The worldwide used pharmaceutical form of thyroxine (sodium levothyroxine, T₄) is obtained by native hormone through its salification with sodium hydroxide. The absorption of T₄ occurs in all sections of small intestine being anyway incomplete and ranging from 62 to 82% of the ingested dose (40). However, increasing evidence of a relevant role of the intact gastric acid secretion on the subsequent intestinal absorption of sodium levothyroxine has been reported in the last years (41). In fact, an increased therapeutic T4 dose has been described in patients with gastric disorders (Hp infection, chronic gastritis, gastric atrophy) or chronically treated with proton pump inhibitors or in non-fasting patients (41–43). All these conditions are characterized by a modified gastric pH that may affect T4 absorption by changing the ionization status, as already described for iron, or the dissolution process of the pharmaceutical T4 form. Furthermore, in vitro studies have shown the pH dependency of the dissolution profile of different T4 preparations (44). This evidence boosted the research for novel thyroxine formulations as liquid or softgel capsules. These ones showed, as compared to the classic tablet formulation, a similar or better bioavailability as well as a lower number of excipients (45, 46). In clinical studies, softgel or liquid formulations performed better in patients with gastric disorders (47, 48) and in proton pump inhibitors users (49, 50).

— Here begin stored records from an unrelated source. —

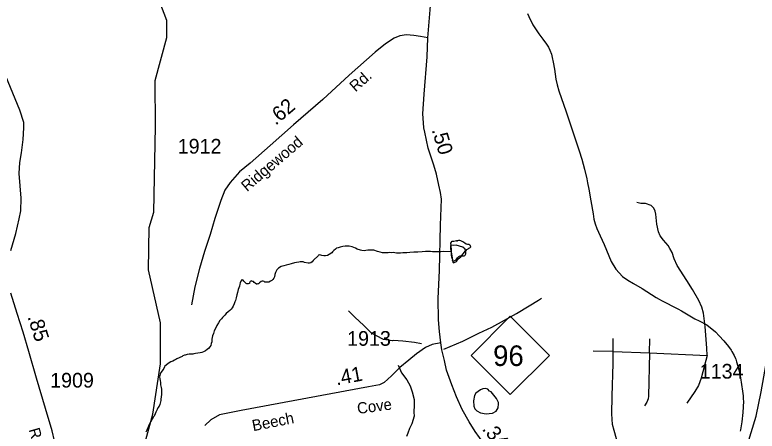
# Model space of a CAD drawing. Extents: x 2126262 to 2293712, y 749403 to 919119.
# Drawn here: x 2141122 to 2147437, y 837273 to 840811 of the extents above; entities that cross this region are included whole.
import ezdxf

# ---------------------------------------------------------------- set-up
doc = ezdxf.new("R2010")
doc.units = 0
for name, color, linetype in [('Exist Hydrographic Creek Single Shore', 7, 'Continuous'), ('Exist Hydrographic Misc Water Feature', 7, 'Continuous'), ('Exist Hydrographic Pond Under 1500 Sq Ft', 7, 'Continuous'), ('Exist Road Non-System Type 51', 7, 'Continuous'), ('Exist Road Primary NC Attributed', 7, 'Continuous'), ('Exist Road Primary NC Service Mileage Hundredths English Label', 7, 'Continuous'), ('Exist Road Primary NC Shield CELL', 7, 'Continuous'), ('Exist Road Primary NC Shield Number Label', 7, 'Continuous'), ('Exist Road Secondary Mileage Hundredths English Label', 7, 'Continuous'), ('Exist Road Secondary Type 51 Attributed', 7, 'Continuous'), ('Exist Road Secondary Type 51 Label', 7, 'Continuous'), ('Exist Road Secondary Type 51 Number Label', 7, 'Continuous')]:
    doc.layers.add(name, color=color, linetype=linetype)

msp = doc.modelspace()

# ---------------------------------------------------------------- linework, layer by layer
at = {"layer": 'Exist Hydrographic Creek Single Shore'}
msp.add_lwpolyline([(2141359.4, 834259.2), (2141409.5, 834300.7), (2141516.5, 834590.5), (2141655.5, 835207.8), (2141893.6, 835960.7), (2142107.5, 836553.4), (2142148.5, 836877.4), (2142295.5, 837419), (2142360.5, 837844.1), (2142359.5, 838195.1), (2142257.6, 838643.4), (2142263.5, 839004.2), (2142304.5, 839134.6), (2142318.5, 839862.6), (2142316.4, 840253.1), (2142415.4, 840618.5), (2142414.4, 840762.9), (2142355.6, 840918.3), (2142271.5, 841034.8)], dxfattribs=at)
at = {"layer": 'Exist Hydrographic Misc Water Feature'}
for p, q in [((2145483.9, 840824.2), (2145493.4, 840798.3)), ((2147294.5, 837285.4), (2147292.3, 837272.4))]:
    msp.add_line(p, q, dxfattribs=at)
for points in [[(2145493.4, 840798.3), (2145529.3, 840726.4), (2145551, 840692.1)], [(2145493.4, 840798.3), (2145529.3, 840726.4), (2145551, 840692.1)], [(2145551, 840692.1), (2145578.1, 840649.3), (2145613.7, 840603.6)], [(2145551, 840692.1), (2145578.1, 840649.3), (2145613.7, 840603.6)], [(2145613.7, 840603.6), (2145645.3, 840563), (2145662.3, 840537.5), (2145673.6, 840510.3)], [(2145613.7, 840603.6), (2145645.3, 840563), (2145662.3, 840537.5), (2145673.6, 840510.3)], [(2145673.6, 840510.3), (2145687.1, 840477.7), (2145693.5, 840449)], [(2145673.6, 840510.3), (2145687.1, 840477.7), (2145693.5, 840449)], [(2145693.5, 840449), (2145702.3, 840407.9), (2145711.3, 840349.6)], [(2145693.5, 840449), (2145702.3, 840407.9), (2145711.3, 840349.6)], [(2145711.3, 840349.6), (2145724.3, 840265.4), (2145736.4, 840215.4), (2145750.3, 840166.7), (2145812, 839987.3), (2145860.4, 839843.7)], [(2145711.3, 840349.6), (2145724.3, 840265.4), (2145736.4, 840215.4), (2145750.3, 840166.7), (2145812, 839987.3), (2145860.4, 839843.7)], [(2145860.4, 839843.7), (2145903.3, 839715.8), (2145921.7, 839656.4)], [(2145860.4, 839843.7), (2145903.3, 839715.8), (2145921.7, 839656.4)], [(2145921.7, 839656.4), (2145944.3, 839583.7), (2145967.2, 839499.9), (2145986.3, 839417.8), (2145993.5, 839382.5)], [(2145921.7, 839656.4), (2145944.3, 839583.7), (2145967.2, 839499.9), (2145986.3, 839417.8), (2145993.5, 839382.5)], [(2145993.5, 839382.5), (2146004.4, 839330), (2146022.6, 839229.7), (2146040.2, 839120), (2146048.2, 839073.6), (2146058.3, 839033.8), (2146072.4, 838995.7), (2146100.7, 838933.5)], [(2145993.5, 839382.5), (2146004.4, 839330), (2146022.6, 839229.7), (2146040.2, 839120), (2146048.2, 839073.6), (2146058.3, 839033.8), (2146072.4, 838995.7), (2146100.7, 838933.5)], [(2146100.7, 838933.5), (2146134.4, 838859.8), (2146194.2, 838714.4)], [(2146100.7, 838933.5), (2146134.4, 838859.8), (2146194.2, 838714.4)], [(2144833.1, 838798.2), (2144833.1, 838792.6), (2144833.1, 838778.3), (2144834.9, 838768.7), (2144837.2, 838754.6), (2144841.5, 838738.9), (2144843.8, 838726.4), (2144843.4, 838722.4), (2144847.9, 838718.1), (2144851.4, 838719.2), (2144859.6, 838720.4), (2144869.4, 838725.4), (2144877.8, 838734.7), (2144887, 838747), (2144895.2, 838755.1), (2144899.3, 838759), (2144903, 838761.7), (2144911.4, 838762.8), (2144919.2, 838763.7), (2144933.6, 838763.1), (2144939.5, 838763.1), (2144945.1, 838763.9), (2144950.8, 838765.4), (2144953.5, 838767.9), (2144957.2, 838779.8), (2144959, 838791.3), (2144957, 838799.7), (2144958.8, 838805.6), (2144960.6, 838809.3), (2144966.8, 838815.7), (2144978.5, 838823.7), (2144982.6, 838827.9), (2144992.4, 838831.7), (2144998.6, 838835.6), (2145000.6, 838839.8), (2144998.2, 838847.9), (2144992.4, 838854), (2144982.6, 838858.4), (2144972.1, 838860), (2144962.1, 838863.5), (2144950.4, 838869.7), (2144940.3, 838875.3), (2144932.3, 838881.4), (2144928.5, 838885.7), (2144922.3, 838887.4), (2144914.5, 838891.4), (2144906.3, 838893.4), (2144896.1, 838893), (2144886, 838891.2), (2144879.8, 838889.9), (2144886, 838891.2), (2144879.8, 838889.9), (2144856.5, 838884.8), (2144848.3, 838884.8), (2144838.2, 838885.1), (2144834.3, 838882.4), (2144832.5, 838878.6), (2144828.6, 838870.3), (2144830.8, 838848.1), (2144830.6, 838836.8), (2144832.9, 838822.6), (2144832.7, 838808.8), (2144833.1, 838798.2)], [(2144833.1, 838798.2), (2144771, 838800.3), (2144744.5, 838797.4), (2144714.8, 838797.4), (2144694.9, 838797.6), (2144674.8, 838797.4), (2144657.4, 838799.3), (2144638.9, 838798.8), (2144615.1, 838798.8), (2144587.2, 838796.5), (2144549.3, 838795.7), (2144515.5, 838793.9), (2144483.1, 838791.5), (2144455.6, 838789.6), (2144423.6, 838788.4), (2144401.1, 838786.5), (2144385.5, 838786.9), (2144367.4, 838786.3), (2144341.4, 838790.3), (2144323.5, 838789.7), (2144309.6, 838790.2), (2144297.1, 838789.7), (2144280.9, 838789.7), (2144267.4, 838789.3), (2144249.5, 838789.6), (2144228.8, 838793.5), (2144207.3, 838801.2), (2144176.9, 838810.7), (2144162.8, 838812.8), (2144145.4, 838812.2), (2144125.1, 838810.5), (2144108.9, 838808), (2144097.2, 838806.1), (2144074.8, 838807.9), (2144061.1, 838811.6), (2144035, 838821.2), (2144018.6, 838829.8), (2143992.6, 838839.4), (2143967.2, 838844.9), (2143946.7, 838846.7), (2143932.7, 838844.8), (2143912.8, 838842.5), (2143888.6, 838838.1), (2143871.2, 838831.8), (2143858.9, 838828), (2143849.3, 838820.1), (2143835.3, 838808), (2143823.4, 838796), (2143817.3, 838789.6), (2143795.5, 838773.5), (2143781.8, 838767.4), (2143765.4, 838763.4), (2143749.6, 838763), (2143733.6, 838766.6), (2143723.8, 838768.5), (2143711.7, 838770.4), (2143707.6, 838770.6), (2143703.9, 838766.3), (2143660, 838722.2), (2143650.2, 838711.9), (2143638.3, 838704), (2143628.6, 838699.7), (2143616.3, 838700.4), (2143586.4, 838707.3), (2143574.5, 838711.6), (2143562, 838711.1), (2143550.1, 838711.2), (2143538.2, 838710.6), (2143518.1, 838707.2), (2143500.3, 838702.5), (2143472.2, 838695), (2143452.3, 838690.3), (2143430.5, 838684.3), (2143408.6, 838678.2), (2143386.9, 838672.2), (2143364.3, 838659.4), (2143350.6, 838645.6), (2143339.1, 838623), (2143333.4, 838603.6), (2143329.5, 838585.6), (2143325.2, 838574.8), (2143315.1, 838563), (2143307.7, 838554.8), (2143295.4, 838546.9), (2143283.7, 838540.6), (2143271.6, 838539.1), (2143263.8, 838538.7), (2143249.7, 838540.4), (2143241.5, 838544.5), (2143234.1, 838548.1), (2143226.1, 838548.4), (2143217.7, 838544.4), (2143203.6, 838534), (2143200.1, 838530.1), (2143196.4, 838525.8), (2143190.2, 838524.3), (2143179.6, 838522.3), (2143176.3, 838522.4), (2143166, 838529.9), (2143157.8, 838537.3)], [(2146194.2, 838714.4), (2146233.4, 838648.7), (2146263.3, 838617.9)], [(2146194.2, 838714.4), (2146233.4, 838648.7), (2146263.3, 838617.9)], [(2146263.3, 838617.9), (2146292.3, 838588), (2146337.4, 838555.2)], [(2146263.3, 838617.9), (2146292.3, 838588), (2146337.4, 838555.2)], [(2143157.8, 838537.3), (2143151.9, 838544.3), (2143146.1, 838545.9), (2143137.7, 838549.3), (2143134, 838549.4), (2143123.8, 838544.1), (2143117.6, 838533.2), (2143117.8, 838529.1), (2143114.2, 838527.6), (2143107.8, 838525.4), (2143093.9, 838525.5), (2143090.2, 838528.9), (2143081.8, 838537.4), (2143074, 838543.1), (2143069.7, 838549), (2143063.9, 838555.2), (2143059.6, 838559.1), (2143055.5, 838560.9), (2143051.8, 838558.6), (2143043.8, 838548.9), (2143039.7, 838532.5), (2143035.8, 838521.3), (2143032.1, 838504.8), (2143022.3, 838476.2), (2143014.7, 838452.6), (2143008.8, 838430.4), (2143005.3, 838406.2), (2142999.3, 838383.9), (2142993.2, 838372.7), (2142987.6, 838354.1), (2142979.4, 838336.3), (2142971.6, 838322.4), (2142962, 838310.1), (2142949.7, 838298.1), (2142937.8, 838287.8), (2142920.4, 838271.8), (2142908.1, 838259.8), (2142898.6, 838251.5), (2142888.2, 838239.7), (2142880.6, 838229.1), (2142866.9, 838212.9), (2142853.1, 838192.7), (2142839.4, 838170.8), (2142827.3, 838146.3), (2142817.6, 838124.6), (2142811.9, 838102.4), (2142803.9, 838082.9), (2142798.4, 838054.5), (2142796.3, 838032.1), (2142792.2, 838018.5), (2142788.7, 838002), (2142780.9, 837990.6), (2142768.6, 837976.2), (2142756.7, 837965.8), (2142742.8, 837956.2), (2142727, 837947.6), (2142711.6, 837942.3), (2142697.3, 837940), (2142679.4, 837935.3), (2142659.1, 837933.5), (2142645.4, 837929.5), (2142635.2, 837927.4), (2142617.3, 837926.9), (2142605.4, 837927.1), (2142587.6, 837924.9), (2142571.6, 837920.4), (2142563.6, 837918), (2142551.5, 837912.5), (2142545.3, 837908.6), (2142525.7, 837900.2), (2142519.5, 837896.3), (2142500, 837888.3), (2142490, 837882.1), (2142479.9, 837875.5), (2142466.2, 837869.4), (2142450, 837861.4), (2142433.8, 837853.6), (2142423.9, 837845.4), (2142411.8, 837836.7), (2142408.2, 837835.2), (2142395.4, 837822.5)], [(2146337.4, 838555.2), (2146383.3, 838527.5), (2146458.3, 838486.2)], [(2146337.4, 838555.2), (2146383.3, 838527.5), (2146458.3, 838486.2)], [(2146458.3, 838486.2), (2146578.1, 838408.8), (2146603.1, 838394.5)], [(2146458.3, 838486.2), (2146578.1, 838408.8), (2146603.1, 838394.5)], [(2146603.1, 838394.5), (2146624.2, 838382.3), (2146760.4, 838314.2), (2146792.8, 838295)], [(2146603.1, 838394.5), (2146624.2, 838382.3), (2146760.4, 838314.2), (2146792.8, 838295)], [(2146792.8, 838295), (2146907.2, 838226.7), (2146942.7, 838210.9)], [(2146792.8, 838295), (2146907.2, 838226.7), (2146942.7, 838210.9)], [(2146942.7, 838210.9), (2147007.3, 838176), (2147081.3, 838116.1), (2147112.1, 838084.3)], [(2146942.7, 838210.9), (2147007.3, 838176), (2147081.3, 838116.1), (2147112.1, 838084.3)], [(2147112.1, 838084.3), (2147153.3, 838041.4), (2147192, 837991.3)], [(2147112.1, 838084.3), (2147153.3, 838041.4), (2147192, 837991.3)], [(2147192, 837991.3), (2147214.2, 837962.4), (2147221.3, 837949.5)], [(2147192, 837991.3), (2147214.2, 837962.4), (2147221.3, 837949.5)], [(2147221.3, 837949.5), (2147240.2, 837915.2), (2147252.3, 837890.1), (2147254.6, 837884)], [(2147221.3, 837949.5), (2147240.2, 837915.2), (2147252.3, 837890.1), (2147254.6, 837884)], [(2147254.6, 837884), (2147262.2, 837862.2), (2147272.2, 837826.5)], [(2147254.6, 837884), (2147262.2, 837862.2), (2147272.2, 837826.5)], [(2142395.4, 837822.5), (2142394.4, 837819), (2142390.3, 837807.1), (2142380.9, 837793.1), (2142374.3, 837785.1), (2142364.7, 837772.8), (2142360.8, 837766.5), (2142356.9, 837756.9), (2142354.8, 837747.1), (2142352.8, 837734.9), (2142355.5, 837716.6), (2142357.3, 837702.6), (2142359.8, 837686.8), (2142361.8, 837666.5), (2142365.9, 837644.8), (2142368.4, 837631.1), (2142368.2, 837612.8), (2142368.4, 837588.4), (2142366.7, 837562.8), (2142364.9, 837548.8), (2142363, 837532.5), (2142359.2, 837512.4), (2142355, 837498.4), (2142349.3, 837486.3), (2142339.5, 837470.7), (2142331.5, 837458.5), (2142319.8, 837436), (2142314.2, 837420.6), (2142306, 837402), (2142301.9, 837396.1), (2142265, 837329.8), (2142252.7, 837302.1), (2142245.1, 837281.7), (2142237.3, 837265.4)], [(2147272.2, 837826.5), (2147281.2, 837793.9), (2147289.6, 837753.9)], [(2147272.2, 837826.5), (2147281.2, 837793.9), (2147289.6, 837753.9)], [(2147289.6, 837753.9), (2147295.2, 837726.5), (2147313.2, 837612.4)], [(2147289.6, 837753.9), (2147295.2, 837726.5), (2147313.2, 837612.4)], [(2147313.2, 837612.4), (2147317.5, 837574.3), (2147318.5, 837545.9)], [(2147313.2, 837612.4), (2147317.5, 837574.3), (2147318.5, 837545.9)], [(2147318.5, 837545.9), (2147319.2, 837528.6), (2147315.3, 837430.6)], [(2147318.5, 837545.9), (2147319.2, 837528.6), (2147315.3, 837430.6)], [(2147315.3, 837430.6), (2147306.2, 837353.3), (2147294.5, 837285.4)], [(2147315.3, 837430.6), (2147306.2, 837353.3), (2147294.5, 837285.4)]]:
    msp.add_lwpolyline(points, dxfattribs=at)
at = {"layer": 'Exist Hydrographic Pond Under 1500 Sq Ft'}
for points in [[(2144833.1, 838798.2), (2144839.2, 838760.5), (2144844, 838728.2), (2144846.4, 838709.1), (2144854.7, 838703.1), (2144878.6, 838716.3), (2144893.3, 838737.1), (2144916.9, 838754.5), (2144956.4, 838804.4), (2144953.9, 838820.3), (2144933.6, 838838.2), (2144877, 838853.3), (2144852.3, 838851.4), (2144838, 838853.8), (2144828.4, 838850.2), (2144828.4, 838823.9), (2144833.1, 838798.2)], [(2145158.4, 837613.9), (2145144.7, 837630.1), (2145123.5, 837635.4), (2145103.7, 837634), (2145082.5, 837624.8), (2145062.6, 837611.5), (2145042.8, 837595.6), (2145030.8, 837577.1), (2145023.2, 837531.3), (2145026.9, 837487), (2145034.8, 837463.1), (2145050.7, 837445.9), (2145082.9, 837429.4), (2145130.2, 837420.7), (2145156.6, 837422), (2145184.4, 837426), (2145216.2, 837443.2), (2145232.1, 837471.1), (2145237.4, 837504.9), (2145237.4, 837517.4), (2145218.9, 837550.6), (2145175.2, 837606.2), (2145158.4, 837613.9)]]:
    msp.add_lwpolyline(points, dxfattribs=at)
at = {"layer": 'Exist Road Non-System Type 51'}
for p, q in [((2146212.2, 837950), (2146212.2, 838060.8)), ((2146521.7, 837938.7), (2146522.6, 838057.9)), ((2146212.2, 837950), (2146040.8, 837953.8)), ((2146212.2, 837950), (2146521.7, 837938.7)), ((2146521.7, 837938.7), (2147010.6, 837917.4))]:
    msp.add_line(p, q, dxfattribs=at)
for points in [[(2147010.6, 837917.4), (2147007.7, 837978.9), (2146994.5, 838163.5), (2146979.8, 838276.6), (2146964.7, 838326.7), (2146941, 838383.5), (2146887.1, 838477.3), (2146838.3, 838554.4), (2146756.9, 838682.2), (2146730.9, 838737.6), (2146712.9, 838791.5), (2146694.9, 838825.6), (2146678.8, 838852.1), (2146640, 838895.6), (2146611.6, 838932.5), (2146597.4, 838966.6), (2146583.7, 839032.4), (2146574.2, 839118.5), (2146569.5, 839142.2), (2146556.2, 839167.8), (2146535.4, 839191.4), (2146486.2, 839207.5), (2146446.4, 839209.4), (2146413.3, 839217.9)], [(2144770.3, 837970.4), (2144931.7, 838039), (2145069.1, 838106.2), (2145180.1, 838155.9), (2145287.4, 838217.7), (2145388.6, 838273.6), (2145495.9, 838337.4), (2145576.9, 838387.7), (2145601.2, 838403.2)], [(2144581.2, 838014.3), (2144521.5, 838027.5), (2144423.7, 838037.5), (2144341.8, 838043.2), (2144333.8, 838041.4), (2144258, 838052.9), (2144198.6, 838082.2), (2144153.2, 838109.1), (2144086.5, 838174.5), (2144017.8, 838237.9), (2143961.1, 838297.1)], [(2146374, 836961.8), (2146338.5, 837002), (2146304.4, 837060.7), (2146239.6, 837207.9), (2146220.7, 837278), (2146205.5, 837330), (2146199.9, 837419.9), (2146204.1, 837571.9), (2146212.6, 837849.2), (2146212.2, 837950)], [(2146521.7, 837938.7), (2146512.7, 837570), (2146510.8, 837547.3), (2146498.5, 837520.8), (2146479.6, 837487.6)], [(2147010.6, 837917.4), (2146987.4, 837831.7), (2146959, 837724.7), (2146938.2, 837662.3), (2146905, 837610.2), (2146839.7, 837511.8)], [(2144381.5, 837834.4), (2144410.2, 837769.8), (2144456.9, 837708.8), (2144483.9, 837658.3), (2144502.8, 837607.9), (2144517.4, 837541.6), (2144518.5, 837493.6), (2144517.3, 837435.6), (2144518.6, 837401.6), (2144499.2, 837336), (2144480.4, 837296.3), (2144463.6, 837256.7), (2144453, 837228.9)]]:
    msp.add_lwpolyline(points, dxfattribs=at)
at = {"layer": 'Exist Road Primary NC Attributed'}
for points in [[(2144635.4, 840617.1), (2144655.2, 840854.4), (2144676.6, 841143.3), (2144689.2, 841379.5), (2144692.5, 841490.4), (2144689.2, 841545.3), (2144672.8, 841638.7), (2144645.4, 841728.5), (2144582.9, 841878.2), (2144549.9, 841971.1)], [(2144745.1, 838023.8), (2144733.7, 838121.5), (2144727.1, 838218.1), (2144722.7, 838400.5), (2144733.4, 838639.7), (2144744.1, 839023.3), (2144750.7, 839244.1), (2144742, 839301.2), (2144729.9, 839364.9), (2144707.4, 839456.1), (2144685.4, 839534.1), (2144638.1, 839676.9), (2144610.4, 839813.7), (2144601.1, 839849.8), (2144597, 839893.3), (2144593.7, 839969.1), (2144603.5, 840138.2), (2144628.3, 840455.7), (2144635.4, 840617.1)], [(2145756.9, 836591.4), (2145509.8, 836774.7), (2145441.1, 836831.4), (2145339.1, 836917.6), (2145257.3, 836999.4), (2145179.8, 837083.4), (2145110.5, 837167.4), (2145037.4, 837269.9), (2144987.3, 837352.9), (2144927.3, 837457.6), (2144878.7, 837565.6), (2144839.4, 837667), (2144794.7, 837791.4), (2144776.2, 837874.3), (2144755.4, 837965), (2144745.1, 838023.8)]]:
    msp.add_lwpolyline(points, dxfattribs=at)
at = {"layer": 'Exist Road Primary NC Shield CELL'}
msp.add_lwpolyline([(2145003.4, 837916.6), (2145336.4, 838249.6), (2145669.4, 837916.6), (2145336.4, 837583.6)], close=True, dxfattribs=at)
at = {"layer": 'Exist Road Secondary Type 51 Attributed'}
for points in [[(2147116.2, 835550.6), (2147128.2, 835728.5), (2147165.9, 836135.4), (2147180, 836289.2), (2147198.6, 836416.8), (2147228.6, 836614.3), (2147277.1, 836881.6), (2147321.9, 837058.3), (2147427.1, 837399.8), (2147470.2, 837608.1), (2147523.7, 837910.3), (2147580.8, 838184.4), (2147608.7, 838340.8), (2147669.3, 838620.5), (2147708.6, 838748.2), (2147732.6, 838836.5), (2147908.8, 839413.6), (2148038.3, 839871.2), (2148144.2, 840238), (2148202.8, 840453), (2148220.8, 840609.3), (2148230.6, 840733.7), (2148240.9, 840971.3)], [(2144635.4, 840617.1), (2144573.9, 840628.1), (2144516.8, 840636.9), (2144453.1, 840640.2), (2144398.1, 840633.6), (2144347.6, 840612.8), (2144275.1, 840564.4), (2144188.3, 840493), (2143965.9, 840297.5), (2143741.8, 840092.1), (2143493.6, 839875.7), (2143294.7, 839699.9), (2143122.3, 839550.6), (2143032.2, 839477), (2142954.2, 839386.9), (2142908.1, 839321), (2142874, 839233.1), (2142823.5, 839080.4), (2142782.9, 838945.3), (2142734.5, 838800.3), (2142692.8, 838654.2), (2142654.3, 838500.4), (2142624.1, 838346.6)], [(2141087.9, 838808.9), (2141131, 838952.3), (2141158.5, 839077), (2141172.9, 839145.5), (2141176.2, 839254.7), (2141158.5, 839463.3), (2141165.2, 839557.1), (2141177.3, 839639.9), (2141191.7, 839751.3), (2141198.3, 839850.7), (2141198.3, 839897), (2141165.2, 840000.8), (2141044.2, 840289.2)], [(2141106.1, 836352.2), (2141227.5, 836603.8), (2141329.6, 836826.8), (2141401.3, 836991.2), (2141459.3, 837125.8), (2141459.3, 837189.8), (2141440.5, 837274.8), (2141383.7, 837464.6), (2141305.3, 837722.9), (2141240.8, 837949.1), (2141192.2, 838113.6), (2141140.3, 838273.6), (2141089, 838446.9)], [(2144745.1, 838023.8), (2144673.1, 838008.5), (2144614.2, 837984.5), (2144538.9, 837931.1), (2144473.4, 837876.5), (2144398.2, 837813.2), (2144326.2, 837742.3), (2144262.9, 837687.8), (2144224.7, 837667), (2144130.3, 837648.5), (2143490.5, 837529.6), (2143047, 837447.8), (2142862.1, 837412.9), (2142790.1, 837370.3), (2142738.8, 837322.3)]]:
    msp.add_lwpolyline(points, dxfattribs=at)

# ---------------------------------------------------------------- texts
at = {"layer": 'Exist Road Primary NC Service Mileage Hundredths English Label'}
for s, rotation, p in [('.50', 286.71281, (2144666.7, 839833.6)), ('.34', 309.51156, (2145091.2, 837289.1))]:
    msp.add_text(s, height=125, rotation=rotation, dxfattribs=at).set_placement(p)
at = {"layer": 'Exist Road Primary NC Shield Number Label'}
msp.add_text('96', height=175, dxfattribs=at).set_placement((2145190.5, 837826.9))
at = {"layer": 'Exist Road Secondary Mileage Hundredths English Label'}
for s, rotation, p in [('.62', 40.45148, (2143340.6, 839867.3)), ('.85', 287.55764, (2141228.2, 838244.8)), ('.41', 10.5282, (2143858.9, 837661.6))]:
    msp.add_text(s, height=125, rotation=rotation, dxfattribs=at).set_placement(p)
at = {"layer": 'Exist Road Secondary Type 51 Label'}
for s, rotation, p in [('Rd.', 41.34861, (2144019.8, 840151.2)), ('Ridgewood', 40.45148, (2143097.1, 839304)), ('Cove', 7.53364, (2144039.7, 837418.9)), ('Beech', 11.2271, (2143149.8, 837272.3)), ('Rd.', 285.97824, (2141238.3, 837286.4))]:
    msp.add_text(s, height=95, rotation=rotation, dxfattribs=at).set_placement(p)
at = {"layer": 'Exist Road Secondary Type 51 Number Label'}
for s, p in [('1912', (2142507.6, 839632.3)), ('1913', (2143948.5, 837998.8)), ('1134', (2146948.5, 837719.9)), ('1909', (2141422.4, 837643.6))]:
    msp.add_text(s, height=125, dxfattribs=at).set_placement(p)

doc.saveas('drawing.dxf')

In conclusion, the association of thyroid and gastric autoimmune disorders represents a frequent syndrome, included in the autoimmune polyendocrine syndrome. The similar or even common biochemical and pathogenic features fully support the term thyrogastric disease described some 60 years ago. From a clinical standpoint, the presence of iron-deficient anemia and thyroxine malabsorption may represent an alert signal for the presence of a gastric disorder in patients with thyroid autoimmunity and should trigger a specific diagnostic workup.